LEG: THE STORY OF A LIMB AND THE BOY WHO GREW FROM IT
GREG MARSHALL
© 2023 Abrams Press
$26.00
304 pages


From the moment he was born, Greg Marshall was endowed with two things: a right leg with "tight tendons" that twisted his foot on that side, and certain oversized intimate body parts that his mother was just too eager to mention.

The latter was an eye-rolling embarrassment.

The former was never really a big deal to Marshall. Other than wearing out a lot of sneakers, he walked with a limp, so what?

He was never bullied much about it, though his siblings teased him in a way that siblings will. He never let it stop him from playing tennis or exploring his Salt Lake City neighborhood. He traveled, appeared in local theater, ran for president of his class, and had an otherwise normal childhood. Still, his leg was something people noticed.

He hoped that no one would notice he was Gay too, but they must have, since nobody seemed surprised when he came out as a teen.

By then, Marshall's mother had been fighting non-Hodgkin's lymphoma for years with surgeries and various chemotherapies that left her wrung out and scarred. She was in the midst of another battle when Marshall's father was diagnosed with ALS, a disease that affected his muscles and progressed quickly. As the elder Marshall slipped away — the timing of which he decided himself — the family rallied around him, teasing, deflecting, and grieving.

Marshall was in his twenties when that happened, and it highlighted his shaky, barely controlled penchant for hypochondria that he'd had for some time. He worried about his "tight tendons" and cerebral palsy, a diagnosis he'd recently discovered. He fretted about getting AIDS. Most of all, he wondered if he'd ever find someone to love him...

Courtesy photo  

Hoo-boy, Leg, Marshall's memoir, is the kind of book that makes you hyperventilate. On many — very many — pages, there's boisterous, Saturday-morning-cartoon-like, going-in-five-different-directions chaos that might be sibling-based, or parental, deeply personal, humorous, relational, or sexual. And on that note, hoo-boy, there are some wildly messy and explicit pages here. Marshall writes candidly about his sex life: doors wide open, sometimes literally.

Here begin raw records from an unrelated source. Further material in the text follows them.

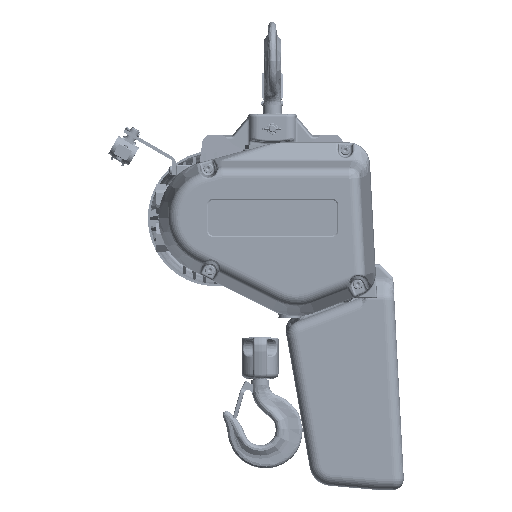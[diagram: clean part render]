
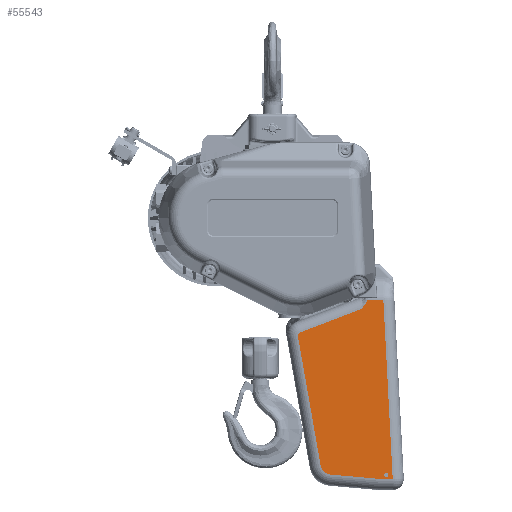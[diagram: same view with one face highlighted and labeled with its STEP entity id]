
A CAD part, top view. The second image highlights one B-rep face of the part: STEP entity #55543.
In plain terms, the highlighted planar face has unit normal (0, 0, 1).
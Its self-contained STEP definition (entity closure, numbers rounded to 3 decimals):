
#3869 = DIRECTION ( 'NONE',  ( 1., 0., 0. ) ) ;
#4990 = CARTESIAN_POINT ( 'NONE',  ( -4.915, -113.056, 70. ) ) ;
#6026 = CARTESIAN_POINT ( 'NONE',  ( 26.4, -100.733, 70. ) ) ;
#9952 = ORIENTED_EDGE ( 'NONE', *, *, #157328, .T. ) ;
#10700 = CARTESIAN_POINT ( 'NONE',  ( 33.958, -90.56, 70. ) ) ;
#13950 = DIRECTION ( 'NONE',  ( 0., 0., 1. ) ) ;
#14604 = FACE_BOUND ( 'NONE', #71183, .T. ) ;
#15780 = PLANE ( 'NONE',  #161063 ) ;
#18148 = CARTESIAN_POINT ( 'NONE',  ( 60., -326., 70. ) ) ;
#19905 = VERTEX_POINT ( 'NONE', #89718 ) ;
#21908 = EDGE_CURVE ( 'NONE', #164823, #30030, #202754, .T. ) ;
#22609 = ORIENTED_EDGE ( 'NONE', *, *, #82495, .T. ) ;
#22758 = LINE ( 'NONE', #205688, #77468 ) ;
#23681 = EDGE_CURVE ( 'NONE', #116251, #206066, #228133, .T. ) ;
#23918 = CARTESIAN_POINT ( 'NONE',  ( 32.1, -93.673, 70. ) ) ;
#25649 = AXIS2_PLACEMENT_3D ( 'NONE', #18148, #36092, #3869 ) ;
#25844 = EDGE_CURVE ( 'NONE', #30030, #164823, #182136, .T. ) ;
#28671 = CARTESIAN_POINT ( 'NONE',  ( 49.259, -331., 70. ) ) ;
#28856 = CARTESIAN_POINT ( 'NONE',  ( -15.387, -325.344, 70. ) ) ;
#29199 = CARTESIAN_POINT ( 'NONE',  ( -54.716, -137.528, 70. ) ) ;
#30030 = VERTEX_POINT ( 'NONE', #178047 ) ;
#31002 = CARTESIAN_POINT ( 'NONE',  ( -59.716, -137.528, 70. ) ) ;
#36092 = DIRECTION ( 'NONE',  ( 0., 0., 1. ) ) ;
#41816 = CARTESIAN_POINT ( 'NONE',  ( 26., -101.188, 70. ) ) ;
#41890 = DIRECTION ( 'NONE',  ( 0.174, -0.985, 0. ) ) ;
#48341 = VERTEX_POINT ( 'NONE', #61382 ) ;
#48426 = DIRECTION ( 'NONE',  ( -0.052, 0.999, 0. ) ) ;
#48946 = CARTESIAN_POINT ( 'NONE',  ( 57., -326., 70. ) ) ;
#50430 = CIRCLE ( 'NONE', #214651, 15. ) ;
#55543 = ADVANCED_FACE ( 'NONE', ( #14604, #213074 ), #15780, .F. ) ;
#59082 = ORIENTED_EDGE ( 'NONE', *, *, #21908, .F. ) ;
#59089 = EDGE_CURVE ( 'NONE', #107550, #139699, #111307, .T. ) ;
#60410 = B_SPLINE_CURVE_WITH_KNOTS ( 'NONE', 3,
 ( #169722, #10700, #156537, #23918, #225907, #229434, #96858, #207970, #65689, #60970, #138497, #6026, #82439, #41816 ),
 .UNSPECIFIED., .F., .F.,
 ( 4, 2, 2, 2, 2, 2, 4 ),
 ( 0., 0.004, 0.007, 0.011, 0.013, 0.014, 0.014 ),
 .UNSPECIFIED. ) ;
#60970 = CARTESIAN_POINT ( 'NONE',  ( 27., -100.048, 70. ) ) ;
#61382 = CARTESIAN_POINT ( 'NONE',  ( 56.038, -89.438, 70. ) ) ;
#62232 = LINE ( 'NONE', #4990, #123736 ) ;
#62828 = LINE ( 'NONE', #175205, #162663 ) ;
#65689 = CARTESIAN_POINT ( 'NONE',  ( 27.598, -99.362, 70. ) ) ;
#65931 = CARTESIAN_POINT ( 'NONE',  ( -56.508, -132.86, 70. ) ) ;
#67249 = CARTESIAN_POINT ( 'NONE',  ( 84.504, -346., 70. ) ) ;
#69923 = CARTESIAN_POINT ( 'NONE',  ( 60., -326., 70. ) ) ;
#71183 = EDGE_LOOP ( 'NONE', ( #130065, #59082 ) ) ;
#77468 = VECTOR ( 'NONE', #95715, 1000. ) ;
#79075 = VECTOR ( 'NONE', #41890, 1000. ) ;
#82439 = CARTESIAN_POINT ( 'NONE',  ( 26.199, -100.962, 70. ) ) ;
#82495 = EDGE_CURVE ( 'NONE', #231348, #165981, #62232, .T. ) ;
#84537 = AXIS2_PLACEMENT_3D ( 'NONE', #69923, #215736, #200133 ) ;
#85059 = EDGE_LOOP ( 'NONE', ( #143866, #101401, #22609, #151880, #155477, #183392, #108631, #9952, #125835, #208693 ) ) ;
#86701 = CARTESIAN_POINT ( 'NONE',  ( -54.716, -137.528, 70. ) ) ;
#89718 = CARTESIAN_POINT ( 'NONE',  ( 34.453, -89.438, 70. ) ) ;
#89916 = VECTOR ( 'NONE', #145683, 1000. ) ;
#95715 = DIRECTION ( 'NONE',  ( -1., 0., 0. ) ) ;
#96858 = CARTESIAN_POINT ( 'NONE',  ( 29.172, -97.516, 70. ) ) ;
#98582 = DIRECTION ( 'NONE',  ( 0., 0., 1. ) ) ;
#100174 = EDGE_CURVE ( 'NONE', #206212, #107550, #158262, .T. ) ;
#101039 = CIRCLE ( 'NONE', #185002, 5. ) ;
#101078 = EDGE_CURVE ( 'NONE', #206066, #48341, #62828, .T. ) ;
#101401 = ORIENTED_EDGE ( 'NONE', *, *, #226002, .T. ) ;
#103426 = DIRECTION ( 'NONE',  ( -1., 0., 0. ) ) ;
#104877 = AXIS2_PLACEMENT_3D ( 'NONE', #86701, #127157, #103426 ) ;
#107550 = VERTEX_POINT ( 'NONE', #205105 ) ;
#108631 = ORIENTED_EDGE ( 'NONE', *, *, #214553, .T. ) ;
#111307 = LINE ( 'NONE', #184230, #79075 ) ;
#116251 = VERTEX_POINT ( 'NONE', #28671 ) ;
#117163 = DIRECTION ( 'NONE',  ( -0.934, -0.358, 0. ) ) ;
#120903 = EDGE_CURVE ( 'NONE', #165981, #206212, #101039, .T. ) ;
#123449 = VERTEX_POINT ( 'NONE', #28856 ) ;
#123736 = VECTOR ( 'NONE', #117163, 1000. ) ;
#125835 = ORIENTED_EDGE ( 'NONE', *, *, #23681, .T. ) ;
#127157 = DIRECTION ( 'NONE',  ( 0., 0., 1. ) ) ;
#130065 = ORIENTED_EDGE ( 'NONE', *, *, #25844, .F. ) ;
#131069 = EDGE_CURVE ( 'NONE', #48341, #19905, #22758, .T. ) ;
#137191 = CARTESIAN_POINT ( 'NONE',  ( 84.504, -331., 70. ) ) ;
#138497 = CARTESIAN_POINT ( 'NONE',  ( 26.8, -100.277, 70. ) ) ;
#139699 = VERTEX_POINT ( 'NONE', #183644 ) ;
#143866 = ORIENTED_EDGE ( 'NONE', *, *, #131069, .T. ) ;
#145683 = DIRECTION ( 'NONE',  ( 0.996, -0.087, 0. ) ) ;
#151880 = ORIENTED_EDGE ( 'NONE', *, *, #120903, .T. ) ;
#155477 = ORIENTED_EDGE ( 'NONE', *, *, #100174, .T. ) ;
#156537 = CARTESIAN_POINT ( 'NONE',  ( 33.377, -91.624, 70. ) ) ;
#157328 = EDGE_CURVE ( 'NONE', #123449, #116251, #178098, .T. ) ;
#158262 = CIRCLE ( 'NONE', #104877, 5. ) ;
#161063 = AXIS2_PLACEMENT_3D ( 'NONE', #67249, #180719, #162763 ) ;
#162663 = VECTOR ( 'NONE', #48426, 1000. ) ;
#162763 = DIRECTION ( 'NONE',  ( 1., 0., 0. ) ) ;
#164823 = VERTEX_POINT ( 'NONE', #48946 ) ;
#165111 = CARTESIAN_POINT ( 'NONE',  ( 49.912, -331.057, 70. ) ) ;
#165981 = VERTEX_POINT ( 'NONE', #65931 ) ;
#169722 = CARTESIAN_POINT ( 'NONE',  ( 34.453, -89.438, 70. ) ) ;
#175205 = CARTESIAN_POINT ( 'NONE',  ( 55.752, -83.987, 70. ) ) ;
#178047 = CARTESIAN_POINT ( 'NONE',  ( 63., -326., 70. ) ) ;
#178098 = LINE ( 'NONE', #165111, #89916 ) ;
#180719 = DIRECTION ( 'NONE',  ( 0., 0., -1. ) ) ;
#182136 = CIRCLE ( 'NONE', #25649, 3. ) ;
#183392 = ORIENTED_EDGE ( 'NONE', *, *, #59089, .T. ) ;
#183644 = CARTESIAN_POINT ( 'NONE',  ( -28.852, -313.006, 70. ) ) ;
#184230 = CARTESIAN_POINT ( 'NONE',  ( -28.852, -313.006, 70. ) ) ;
#185002 = AXIS2_PLACEMENT_3D ( 'NONE', #29199, #98582, #225327 ) ;
#195708 = CARTESIAN_POINT ( 'NONE',  ( -14.08, -310.401, 70. ) ) ;
#200133 = DIRECTION ( 'NONE',  ( 1., 0., 0. ) ) ;
#202754 = CIRCLE ( 'NONE', #84537, 3. ) ;
#205105 = CARTESIAN_POINT ( 'NONE',  ( -59.64, -138.396, 70. ) ) ;
#205688 = CARTESIAN_POINT ( 'NONE',  ( 31., -89.438, 70. ) ) ;
#206066 = VERTEX_POINT ( 'NONE', #230652 ) ;
#206212 = VERTEX_POINT ( 'NONE', #31002 ) ;
#207970 = CARTESIAN_POINT ( 'NONE',  ( 27.995, -98.903, 70. ) ) ;
#208693 = ORIENTED_EDGE ( 'NONE', *, *, #101078, .T. ) ;
#210209 = DIRECTION ( 'NONE',  ( 1., 0., 0. ) ) ;
#213074 = FACE_OUTER_BOUND ( 'NONE', #85059, .T. ) ;
#214553 = EDGE_CURVE ( 'NONE', #139699, #123449, #50430, .T. ) ;
#214651 = AXIS2_PLACEMENT_3D ( 'NONE', #195708, #13950, #229181 ) ;
#215736 = DIRECTION ( 'NONE',  ( 0., 0., 1. ) ) ;
#225327 = DIRECTION ( 'NONE',  ( -1., 0., 0. ) ) ;
#225907 = CARTESIAN_POINT ( 'NONE',  ( 31.404, -94.659, 70. ) ) ;
#226002 = EDGE_CURVE ( 'NONE', #19905, #231348, #60410, .T. ) ;
#228133 = LINE ( 'NONE', #137191, #231354 ) ;
#229181 = DIRECTION ( 'NONE',  ( -1., 0., 0. ) ) ;
#229434 = CARTESIAN_POINT ( 'NONE',  ( 29.94, -96.58, 70. ) ) ;
#230652 = CARTESIAN_POINT ( 'NONE',  ( 68.697, -331., 70. ) ) ;
#231348 = VERTEX_POINT ( 'NONE', #232684 ) ;
#231354 = VECTOR ( 'NONE', #210209, 1000. ) ;
#232684 = CARTESIAN_POINT ( 'NONE',  ( 26., -101.188, 70. ) ) ;

Ah, but he also writes about the kind of love that's wrapped in a scrap of fleece and handled carefully, the kind that feels like it might blow away if you're not careful. That's a delicate thing in the midst of a madcap tale of a limb and the Gay man attached to it, and it's sneaky, too: you'll be looking every which way at Marshall's life and boom! Tears.

Give yourself some time with this book, and breathe deep. Most readers will find it chaotic but thoroughly enjoyable for beach read, airport, or a staycation. Don't skip Leg or you'll kick yourself.